Yes it should be quite enough. Including homeworks you'll be doing, during the time you gain quite a lot knowledge you need to move on to the next steps you mentioned above.
 
ya , i will check on prof shreve's books and sheldon ross' probability ones ...... maybe after viewing them online i could order a hard copy.
 
I also got interested in Sheldon Ross's book. I'll search for it too. Good Luck
 
I wouldn't recommend starting with Ross's "Stochastic Processes" unless you are already comfortable with the material in his other books.

Depending upon your background, you would be much better off starting with either Ross's "First Course in Probability" (weak background) or "Introduction to Probability Models" (medium background).
 
i just started viewing gilbert strang's video lectures on MIT OCW and am finding them quite useful .... will the 35 lectures on linear algebra take care of the course ?

Video lectures cover "Introduction to Linear Algebra" book almost completely, and mostly in order (only applications chapter material is scattered throughout the course) - you could check for book sections matching video lectures in Readings section of OCW 18.06 site. The book itself is rather comprehensive, so once you complete through the book and video lectures, you should be pretty good regarding linear algebra (but don't forget you really need to work on book problem, homework and exams in order to master the material properly).
 
Video lectures cover "Introduction to Linear Algebra" book almost completely, and mostly in order (only applications chapter material is scattered throughout the course) - you could check for book sections matching video lectures in Readings section of OCW 18.06 site. The book itself is rather comprehensive, so once you complete through the book and video lectures, you should be pretty good regarding linear algebra (but don't forget you really need to work on book problem, homework and exams in order to master the material properly).

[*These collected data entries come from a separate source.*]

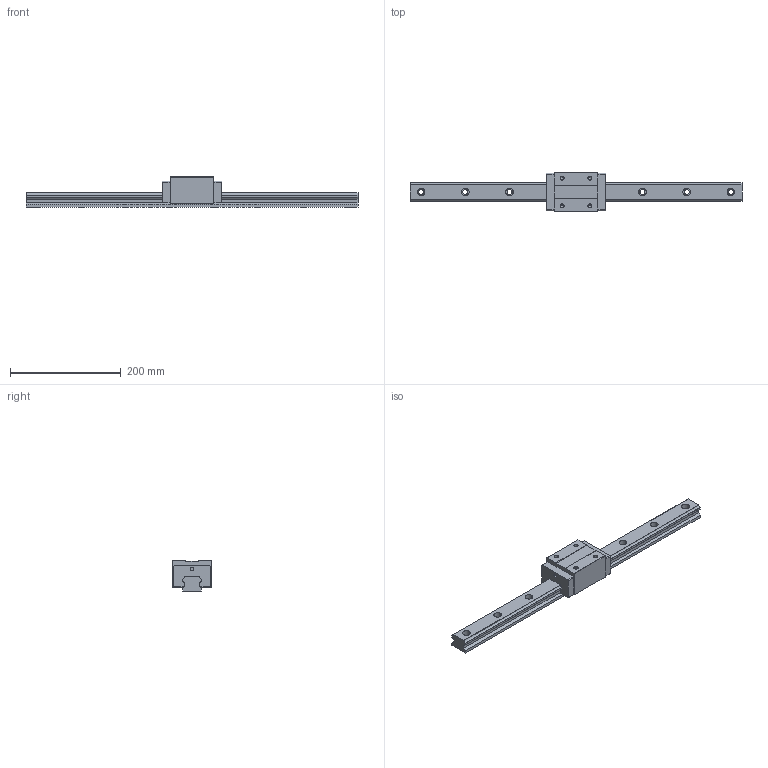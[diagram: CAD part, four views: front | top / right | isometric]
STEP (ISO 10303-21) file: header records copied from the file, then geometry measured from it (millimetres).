
FILE_DESCRIPTION (( 'STEP AP203' ), '1' );
FILE_NAME ('TRH35VN-XNC.STEP', '2024-08-16T06:46:56', ( '' ), ( '' ), 'SwSTEP 2.0', 'SolidWorks 2021', '' );
FILE_SCHEMA (( 'CONFIG_CONTROL_DESIGN' ));
Length unit declared in the file: millimetre
Products named in the file (1): TRH35VN-XNC
Bounding box: 600 x 70 x 55 mm (x, y, z)
Volume: 724996 mm3; surface area: 114741.9 mm2
Topology: 1 solids, 1 shells, 176 faces, 480 edges, 308 vertices
Faces by surface type: cylinder 80, plane 80, cone 16
Entity records: 5641 total; most frequent: DIRECTION 998, CARTESIAN_POINT 957, ORIENTED_EDGE 944, EDGE_CURVE 472, AXIS2_PLACEMENT_3D 349, VERTEX_POINT 308, VECTOR 300, LINE 300
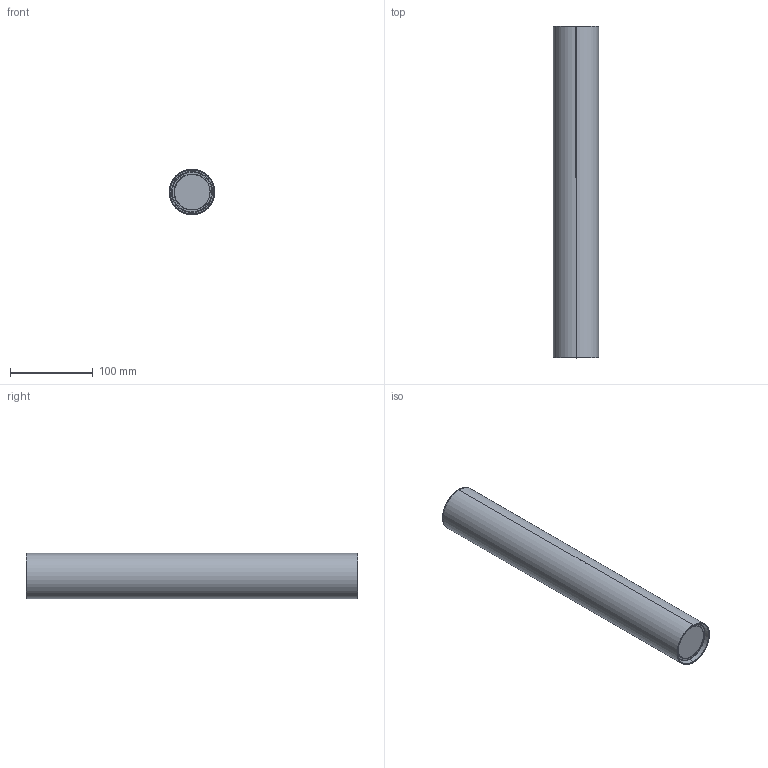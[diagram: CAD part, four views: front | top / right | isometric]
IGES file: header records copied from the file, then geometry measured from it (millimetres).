
Start section: SolidWorks IGES file using analytic representation for surfaces
Global section: file name: Z:\Modele 3D_WWW\_KOLEKCJE_WWW\EYE-L-5471-5472-6838-8913\EYE-L-5471-5472-6838-8913.IGS; native system: SolidWorks 2021; preprocessor: SolidWorks 2021; author: gabriela.tworek; date: 210625.124335; units: millimetre
Bounding box: 55 x 400 x 55 mm (x, y, z)
Surface area: 152210.8 mm2 (no closed solid volume)
Topology: 0 solids, 0 shells, 38 faces, 1013 edges, 1013 vertices
Faces by surface type: bspline 26, revolution 12
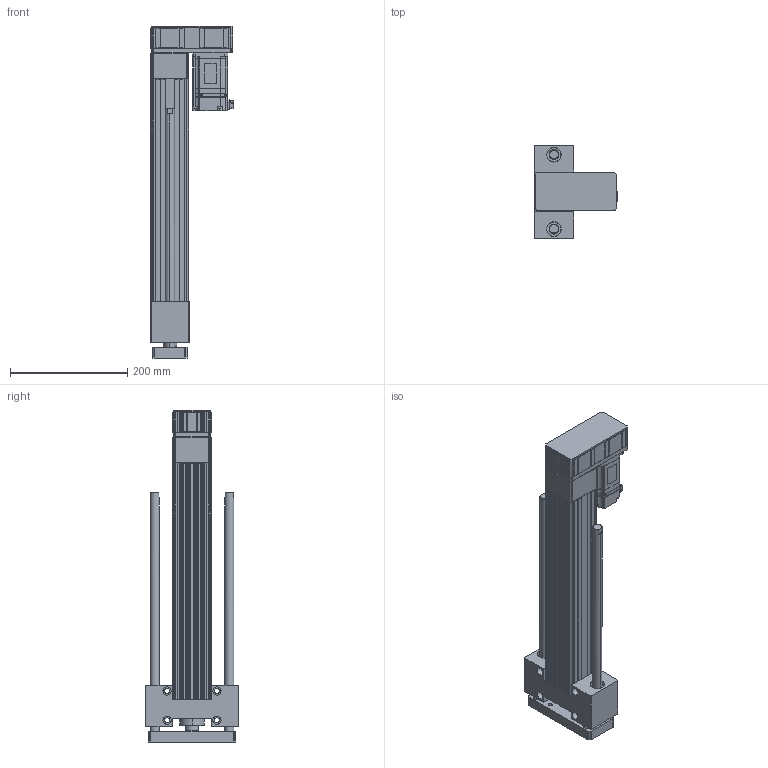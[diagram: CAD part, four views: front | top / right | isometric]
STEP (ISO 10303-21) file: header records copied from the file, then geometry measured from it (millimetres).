
FILE_DESCRIPTION (( 'STEP AP203' ), '1' );
FILE_NAME ('ANS065R-HP300-05(10)(20)-W40.STEP', '2019-03-01T09:43:56', ( 'user' ), ( '' ), 'SwSTEP 2.0', 'SolidWorks 2013', '' );
FILE_SCHEMA (( 'CONFIG_CONTROL_DESIGN' ));
Length unit declared in the file: millimetre
Products named in the file (4): ANS065R-HP300-05(10)(20)-W40; ANS065R HP300 VER2; ANS065 ROD ST300 H; sgmjv_04a_a21
Assembly tree (3 placements, depth 2):
  ANS065R-HP300-05(10)(20)-W40
    ANS065R HP300 VER2
    ANS065 ROD ST300 H
    sgmjv_04a_a21
Bounding box: 140.3 x 160 x 566 mm (x, y, z)
Volume: 2333347.7 mm3; surface area: 538739.4 mm2
Topology: 3 solids, 7 shells, 1457 faces, 3867 edges, 2498 vertices
Faces by surface type: plane 895, cylinder 452, cone 110
Entity records: 45317 total; most frequent: CARTESIAN_POINT 8114, ORIENTED_EDGE 7694, DIRECTION 7647, EDGE_CURVE 3847, LINE 2785, VECTOR 2785, VERTEX_POINT 2498, AXIS2_PLACEMENT_3D 2431

I'm looking at my copy of Strang's "Linear Algebra and its Applications," which you wrote about in an earlier post (I have the 3rd edition). Cayley-Hamilton has been relegated to the exercises; there's no discussion I can see of the minimum polynomial; the discussion of the Spectral Theorem isn't quite clear. There are probably other things I will catch as well if I look closely. It's possible some of these things have been cleared up in the 4th edition. But I feel there's a case to be made for a more orthodox treatment of the subject as can be found, for example, in the inexpensive Schaum series book (by Lipschutz?).
 
Those blue books Baruch advised for stochastic mathematics seem to be good but regrettably impossible to read on parallel with other similar books.
 
you could try steven roman. his book covers the probability background and even relevant chapters on sigma algebras etc. its a very elementary book and assumes background in only linear algebra. he covers 3 chapters in discrete to continuous and its quite amazing how he doesn't even use calculus to cover the continuous concepts.
 
I'm looking at my copy of Strang's "Linear Algebra and its Applications," which you wrote about in an earlier post (I have the 3rd edition). Cayley-Hamilton has been relegated to the exercises; there's no discussion I can see of the minimum polynomial; the discussion of the Spectral Theorem isn't quite clear. There are probably other things I will catch as well if I look closely. It's possible some of these things have been cleared up in the 4th edition. But I feel there's a case to be made for a more orthodox treatment of the subject as can be found, for example, in the inexpensive Schaum series book (by Lipschutz?).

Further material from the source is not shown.